**PROBLEM TO SOLVE:**
All of the entries below are to be copied without any alteration.

Dataset records
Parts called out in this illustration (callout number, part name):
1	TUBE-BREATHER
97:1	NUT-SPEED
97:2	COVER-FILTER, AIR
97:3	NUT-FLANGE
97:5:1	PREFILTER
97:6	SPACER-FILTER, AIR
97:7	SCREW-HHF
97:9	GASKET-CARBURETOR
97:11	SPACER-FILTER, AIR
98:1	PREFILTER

**RESULT OF THE EXERCISE:**
Parts called out in this illustration (callout number, part name):
1	TUBE-BREATHER
97:1	NUT-SPEED
97:2	COVER-FILTER, AIR
97:3	NUT-FLANGE
97:5:1	PREFILTER
97:6	SPACER-FILTER, AIR
97:7	SCREW-HHF
97:9	GASKET-CARBURETOR
97:11	SPACER-FILTER, AIR
98:1	PREFILTER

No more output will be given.